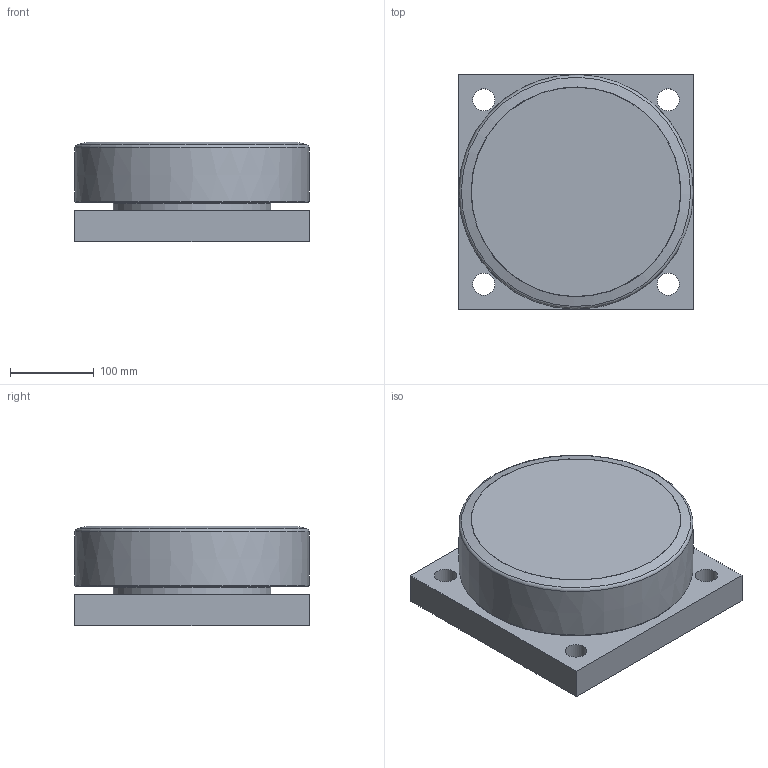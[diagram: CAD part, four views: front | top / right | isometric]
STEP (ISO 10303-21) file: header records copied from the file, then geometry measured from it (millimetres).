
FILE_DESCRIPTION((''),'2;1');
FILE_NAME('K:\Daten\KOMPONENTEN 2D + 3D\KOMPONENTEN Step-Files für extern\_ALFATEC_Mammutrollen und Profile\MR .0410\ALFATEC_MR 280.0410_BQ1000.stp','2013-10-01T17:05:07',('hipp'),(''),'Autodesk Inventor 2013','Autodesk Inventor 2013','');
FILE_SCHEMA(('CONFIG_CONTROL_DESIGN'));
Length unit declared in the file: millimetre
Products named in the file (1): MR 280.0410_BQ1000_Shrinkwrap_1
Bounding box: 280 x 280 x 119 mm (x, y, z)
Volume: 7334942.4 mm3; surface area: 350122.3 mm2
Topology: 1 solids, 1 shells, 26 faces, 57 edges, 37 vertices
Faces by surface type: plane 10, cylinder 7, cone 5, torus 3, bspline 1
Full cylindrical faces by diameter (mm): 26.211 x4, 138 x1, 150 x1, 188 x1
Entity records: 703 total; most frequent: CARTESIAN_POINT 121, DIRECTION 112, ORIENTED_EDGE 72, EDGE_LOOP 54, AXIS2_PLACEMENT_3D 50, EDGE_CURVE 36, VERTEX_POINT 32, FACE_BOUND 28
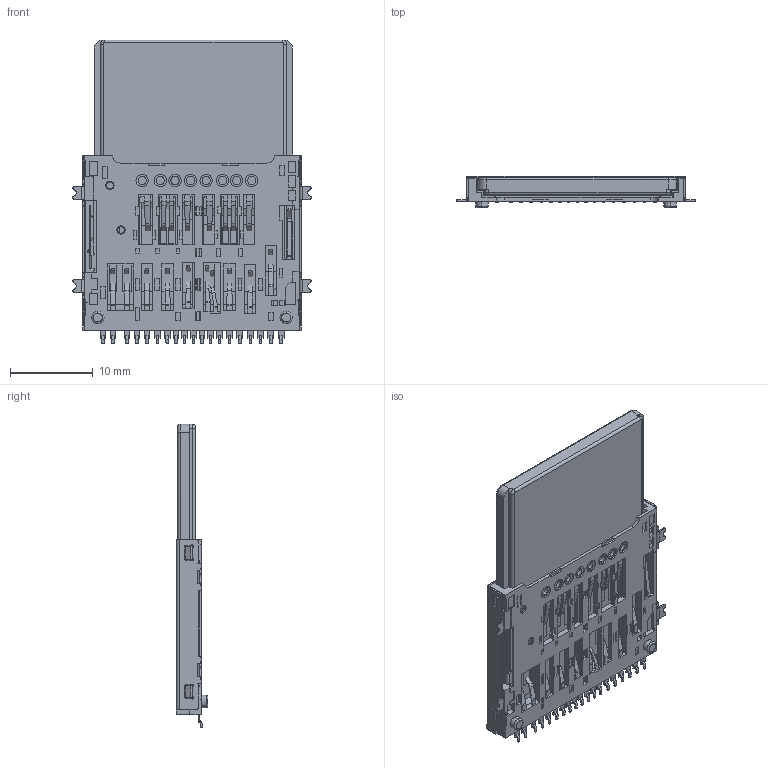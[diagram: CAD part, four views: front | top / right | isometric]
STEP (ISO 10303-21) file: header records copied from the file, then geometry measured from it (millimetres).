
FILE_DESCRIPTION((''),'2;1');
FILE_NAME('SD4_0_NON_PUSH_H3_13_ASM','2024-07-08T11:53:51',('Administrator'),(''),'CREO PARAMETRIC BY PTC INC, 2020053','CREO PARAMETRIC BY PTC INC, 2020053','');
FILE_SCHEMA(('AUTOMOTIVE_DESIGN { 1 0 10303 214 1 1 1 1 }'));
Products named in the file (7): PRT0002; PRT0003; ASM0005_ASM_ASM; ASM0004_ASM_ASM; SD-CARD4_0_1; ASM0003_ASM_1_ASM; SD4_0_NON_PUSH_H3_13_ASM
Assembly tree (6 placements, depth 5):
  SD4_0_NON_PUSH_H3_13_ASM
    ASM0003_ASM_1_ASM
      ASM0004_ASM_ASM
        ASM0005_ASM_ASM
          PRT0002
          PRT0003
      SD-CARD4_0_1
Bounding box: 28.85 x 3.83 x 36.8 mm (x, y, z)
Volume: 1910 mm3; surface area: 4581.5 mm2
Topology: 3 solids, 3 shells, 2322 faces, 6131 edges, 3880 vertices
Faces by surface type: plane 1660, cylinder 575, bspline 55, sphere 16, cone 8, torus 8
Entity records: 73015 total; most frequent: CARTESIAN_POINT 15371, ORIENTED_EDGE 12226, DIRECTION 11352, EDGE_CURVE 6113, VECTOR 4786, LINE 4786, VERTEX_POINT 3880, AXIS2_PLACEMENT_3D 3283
•••
Would you reproduce, exactly and with nothing added, every line from the beginning of the entries above through the line that contains "Length unit declared in the file: millimetre", both included, leaving out the pictures?

» **Solution to the problem**:
[diagram: CAD part, four views: front | top / right | isometric]
STEP (ISO 10303-21) file: header records copied from the file, then geometry measured from it (millimetres).
FILE_DESCRIPTION((''),'2;1');
FILE_NAME('K:\Daten\KOMPONENTEN 2D + 3D\KOMPONENTEN Step-Files für extern\_ALFATEC_Mammutrollen und Profile\MR .0410\ALFATEC_MR 280.0410_BQ1000.stp','2013-10-01T17:05:07',('hipp'),(''),'Autodesk Inventor 2013','Autodesk Inventor 2013','');
FILE_SCHEMA(('CONFIG_CONTROL_DESIGN'));
Length unit declared in the file: millimetre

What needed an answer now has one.